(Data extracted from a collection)

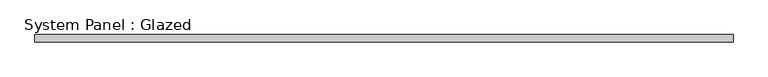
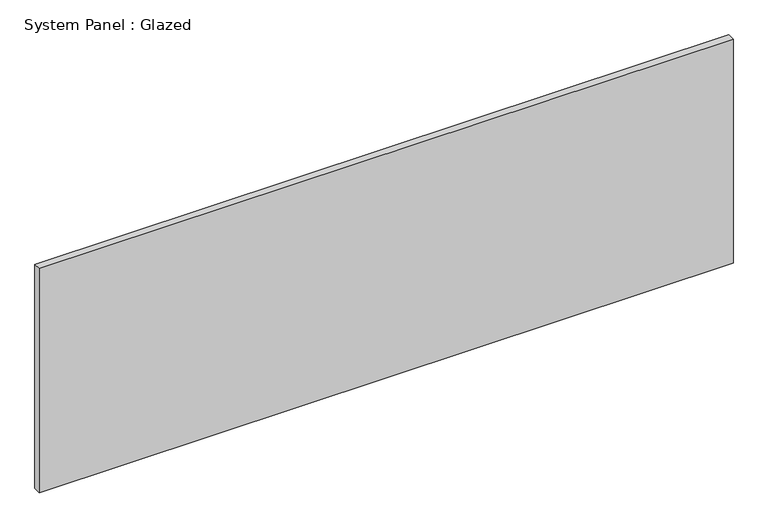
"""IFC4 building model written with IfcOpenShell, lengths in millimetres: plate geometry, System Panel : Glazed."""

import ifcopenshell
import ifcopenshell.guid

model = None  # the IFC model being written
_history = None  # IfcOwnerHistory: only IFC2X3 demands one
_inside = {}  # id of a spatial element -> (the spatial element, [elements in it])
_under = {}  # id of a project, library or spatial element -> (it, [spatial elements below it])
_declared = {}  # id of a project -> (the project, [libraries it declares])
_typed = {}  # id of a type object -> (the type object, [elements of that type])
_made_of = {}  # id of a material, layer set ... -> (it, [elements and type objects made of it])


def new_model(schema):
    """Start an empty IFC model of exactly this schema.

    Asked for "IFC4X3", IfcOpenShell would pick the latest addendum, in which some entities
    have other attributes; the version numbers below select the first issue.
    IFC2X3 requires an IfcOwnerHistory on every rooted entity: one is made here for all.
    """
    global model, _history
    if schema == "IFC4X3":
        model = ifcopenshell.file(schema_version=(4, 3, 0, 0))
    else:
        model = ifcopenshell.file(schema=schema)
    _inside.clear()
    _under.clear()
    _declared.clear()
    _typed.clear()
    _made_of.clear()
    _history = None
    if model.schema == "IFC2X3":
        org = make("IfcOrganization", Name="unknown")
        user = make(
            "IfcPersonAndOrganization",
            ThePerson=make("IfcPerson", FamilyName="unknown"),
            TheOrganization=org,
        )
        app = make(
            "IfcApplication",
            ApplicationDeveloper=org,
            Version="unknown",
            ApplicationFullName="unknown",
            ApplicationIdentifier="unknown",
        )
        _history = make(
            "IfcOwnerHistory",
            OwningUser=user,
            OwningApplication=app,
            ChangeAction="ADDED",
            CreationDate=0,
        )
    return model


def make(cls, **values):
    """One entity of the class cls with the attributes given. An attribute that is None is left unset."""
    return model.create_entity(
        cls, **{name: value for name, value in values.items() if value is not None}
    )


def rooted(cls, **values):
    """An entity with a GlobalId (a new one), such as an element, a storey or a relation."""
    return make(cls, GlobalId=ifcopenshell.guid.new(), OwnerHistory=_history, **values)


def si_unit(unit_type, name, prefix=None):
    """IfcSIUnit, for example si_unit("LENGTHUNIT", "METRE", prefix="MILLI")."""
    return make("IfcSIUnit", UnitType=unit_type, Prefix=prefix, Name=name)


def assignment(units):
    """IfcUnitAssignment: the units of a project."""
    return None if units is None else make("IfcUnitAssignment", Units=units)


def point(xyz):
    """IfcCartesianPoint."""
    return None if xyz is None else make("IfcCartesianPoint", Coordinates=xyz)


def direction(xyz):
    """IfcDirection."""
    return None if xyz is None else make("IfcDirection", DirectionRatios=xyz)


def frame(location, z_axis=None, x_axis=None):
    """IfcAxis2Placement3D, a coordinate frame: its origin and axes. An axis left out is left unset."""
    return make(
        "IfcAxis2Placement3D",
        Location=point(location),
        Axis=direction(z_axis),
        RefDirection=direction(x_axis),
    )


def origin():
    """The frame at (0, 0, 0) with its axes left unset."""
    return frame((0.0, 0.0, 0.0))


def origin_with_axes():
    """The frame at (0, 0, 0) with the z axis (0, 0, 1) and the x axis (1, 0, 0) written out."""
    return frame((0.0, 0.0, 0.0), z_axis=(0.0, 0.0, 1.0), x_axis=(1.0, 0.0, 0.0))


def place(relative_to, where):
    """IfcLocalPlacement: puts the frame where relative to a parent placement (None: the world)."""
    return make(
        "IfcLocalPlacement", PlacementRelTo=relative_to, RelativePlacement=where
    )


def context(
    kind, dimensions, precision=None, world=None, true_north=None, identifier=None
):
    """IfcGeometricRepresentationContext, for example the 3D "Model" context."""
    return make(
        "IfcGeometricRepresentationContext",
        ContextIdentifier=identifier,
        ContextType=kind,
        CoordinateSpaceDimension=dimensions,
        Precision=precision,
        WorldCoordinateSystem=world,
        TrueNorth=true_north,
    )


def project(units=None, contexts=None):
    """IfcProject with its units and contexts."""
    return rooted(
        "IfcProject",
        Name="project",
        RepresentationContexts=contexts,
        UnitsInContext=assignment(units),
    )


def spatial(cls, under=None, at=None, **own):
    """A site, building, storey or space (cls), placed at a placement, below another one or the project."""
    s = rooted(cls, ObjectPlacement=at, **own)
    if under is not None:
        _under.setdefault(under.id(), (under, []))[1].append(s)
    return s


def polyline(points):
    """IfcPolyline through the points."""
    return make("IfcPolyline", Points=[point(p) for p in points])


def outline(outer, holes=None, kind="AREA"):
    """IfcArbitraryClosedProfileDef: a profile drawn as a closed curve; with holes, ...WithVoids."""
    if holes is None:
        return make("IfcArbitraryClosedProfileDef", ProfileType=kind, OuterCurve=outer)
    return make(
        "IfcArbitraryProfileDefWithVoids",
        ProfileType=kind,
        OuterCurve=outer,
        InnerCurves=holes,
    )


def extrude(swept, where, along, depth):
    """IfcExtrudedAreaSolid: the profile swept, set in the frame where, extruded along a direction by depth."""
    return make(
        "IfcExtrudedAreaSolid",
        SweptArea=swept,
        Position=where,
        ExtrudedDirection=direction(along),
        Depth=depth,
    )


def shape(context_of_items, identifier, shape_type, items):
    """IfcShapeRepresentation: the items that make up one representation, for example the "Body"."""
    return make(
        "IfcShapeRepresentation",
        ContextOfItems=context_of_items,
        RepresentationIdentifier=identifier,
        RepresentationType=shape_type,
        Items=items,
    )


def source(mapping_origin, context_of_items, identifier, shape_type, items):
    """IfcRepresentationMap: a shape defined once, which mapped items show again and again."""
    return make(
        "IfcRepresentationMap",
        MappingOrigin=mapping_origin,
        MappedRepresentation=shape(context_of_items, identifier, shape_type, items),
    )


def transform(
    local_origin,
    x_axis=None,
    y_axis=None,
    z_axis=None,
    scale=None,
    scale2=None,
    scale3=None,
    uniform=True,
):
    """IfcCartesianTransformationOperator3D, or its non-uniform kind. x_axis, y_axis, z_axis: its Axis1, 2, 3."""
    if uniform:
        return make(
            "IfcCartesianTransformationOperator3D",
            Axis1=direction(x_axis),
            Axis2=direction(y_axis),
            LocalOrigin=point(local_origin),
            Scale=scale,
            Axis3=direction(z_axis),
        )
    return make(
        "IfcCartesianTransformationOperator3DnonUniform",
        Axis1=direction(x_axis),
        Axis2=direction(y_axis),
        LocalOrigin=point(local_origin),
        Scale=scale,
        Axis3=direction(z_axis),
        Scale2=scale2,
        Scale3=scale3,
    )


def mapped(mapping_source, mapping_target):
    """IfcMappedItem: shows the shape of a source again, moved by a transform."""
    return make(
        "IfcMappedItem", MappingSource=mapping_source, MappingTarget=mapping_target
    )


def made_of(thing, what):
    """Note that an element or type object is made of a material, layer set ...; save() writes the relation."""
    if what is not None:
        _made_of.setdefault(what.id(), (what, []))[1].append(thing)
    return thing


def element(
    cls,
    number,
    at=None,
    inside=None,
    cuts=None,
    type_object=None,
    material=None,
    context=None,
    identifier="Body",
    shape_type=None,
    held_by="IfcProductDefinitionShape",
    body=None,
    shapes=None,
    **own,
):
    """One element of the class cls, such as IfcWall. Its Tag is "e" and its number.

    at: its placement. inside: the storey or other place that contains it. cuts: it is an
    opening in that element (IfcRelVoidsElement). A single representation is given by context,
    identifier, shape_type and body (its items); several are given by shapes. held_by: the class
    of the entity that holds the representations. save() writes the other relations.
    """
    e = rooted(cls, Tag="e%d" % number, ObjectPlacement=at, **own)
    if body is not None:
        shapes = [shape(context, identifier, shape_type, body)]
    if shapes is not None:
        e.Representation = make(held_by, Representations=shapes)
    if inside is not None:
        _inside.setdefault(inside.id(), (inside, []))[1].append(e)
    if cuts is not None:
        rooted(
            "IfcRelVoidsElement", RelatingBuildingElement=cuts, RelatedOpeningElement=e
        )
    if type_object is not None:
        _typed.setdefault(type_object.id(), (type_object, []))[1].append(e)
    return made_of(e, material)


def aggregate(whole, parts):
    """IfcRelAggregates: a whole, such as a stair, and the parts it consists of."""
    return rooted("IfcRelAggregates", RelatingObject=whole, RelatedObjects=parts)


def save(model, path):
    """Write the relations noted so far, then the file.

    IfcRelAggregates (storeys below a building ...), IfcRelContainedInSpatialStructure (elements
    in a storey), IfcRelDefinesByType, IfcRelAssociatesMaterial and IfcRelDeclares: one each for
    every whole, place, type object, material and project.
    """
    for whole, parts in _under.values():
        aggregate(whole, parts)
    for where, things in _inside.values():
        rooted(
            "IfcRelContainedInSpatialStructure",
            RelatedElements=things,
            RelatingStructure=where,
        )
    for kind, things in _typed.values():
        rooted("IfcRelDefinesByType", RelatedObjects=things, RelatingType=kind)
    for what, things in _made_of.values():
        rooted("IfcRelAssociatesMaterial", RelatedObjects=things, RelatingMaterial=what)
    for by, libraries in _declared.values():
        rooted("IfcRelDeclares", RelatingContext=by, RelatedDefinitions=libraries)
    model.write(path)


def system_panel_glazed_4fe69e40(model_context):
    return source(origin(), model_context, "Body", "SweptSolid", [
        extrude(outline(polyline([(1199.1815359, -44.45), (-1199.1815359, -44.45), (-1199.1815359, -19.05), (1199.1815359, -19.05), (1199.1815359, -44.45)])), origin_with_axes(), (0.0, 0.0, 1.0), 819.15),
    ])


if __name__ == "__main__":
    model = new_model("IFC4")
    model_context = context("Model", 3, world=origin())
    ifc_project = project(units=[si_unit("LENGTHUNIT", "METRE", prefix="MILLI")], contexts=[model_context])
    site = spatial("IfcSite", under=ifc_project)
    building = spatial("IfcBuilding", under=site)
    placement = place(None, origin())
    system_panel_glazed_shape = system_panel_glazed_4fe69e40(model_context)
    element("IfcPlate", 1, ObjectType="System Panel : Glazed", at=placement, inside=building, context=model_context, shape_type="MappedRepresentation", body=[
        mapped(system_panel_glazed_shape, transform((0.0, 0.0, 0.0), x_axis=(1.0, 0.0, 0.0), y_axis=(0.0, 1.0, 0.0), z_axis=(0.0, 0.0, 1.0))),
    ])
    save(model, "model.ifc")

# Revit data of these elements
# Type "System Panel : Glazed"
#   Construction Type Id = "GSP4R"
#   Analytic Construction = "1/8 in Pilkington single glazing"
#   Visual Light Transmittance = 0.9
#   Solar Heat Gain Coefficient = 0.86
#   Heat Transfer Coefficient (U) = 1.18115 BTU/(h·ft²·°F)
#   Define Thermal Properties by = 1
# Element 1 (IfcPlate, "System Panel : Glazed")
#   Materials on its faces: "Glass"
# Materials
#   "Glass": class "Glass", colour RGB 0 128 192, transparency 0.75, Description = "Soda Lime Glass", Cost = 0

Exercise instructions -
Look through the entries above. Copy out every line holding the word "IfcGeometricRepresentationContext".

Written answer -
    """IfcGeometricRepresentationContext, for example the 3D "Model" context."""
        "IfcGeometricRepresentationContext",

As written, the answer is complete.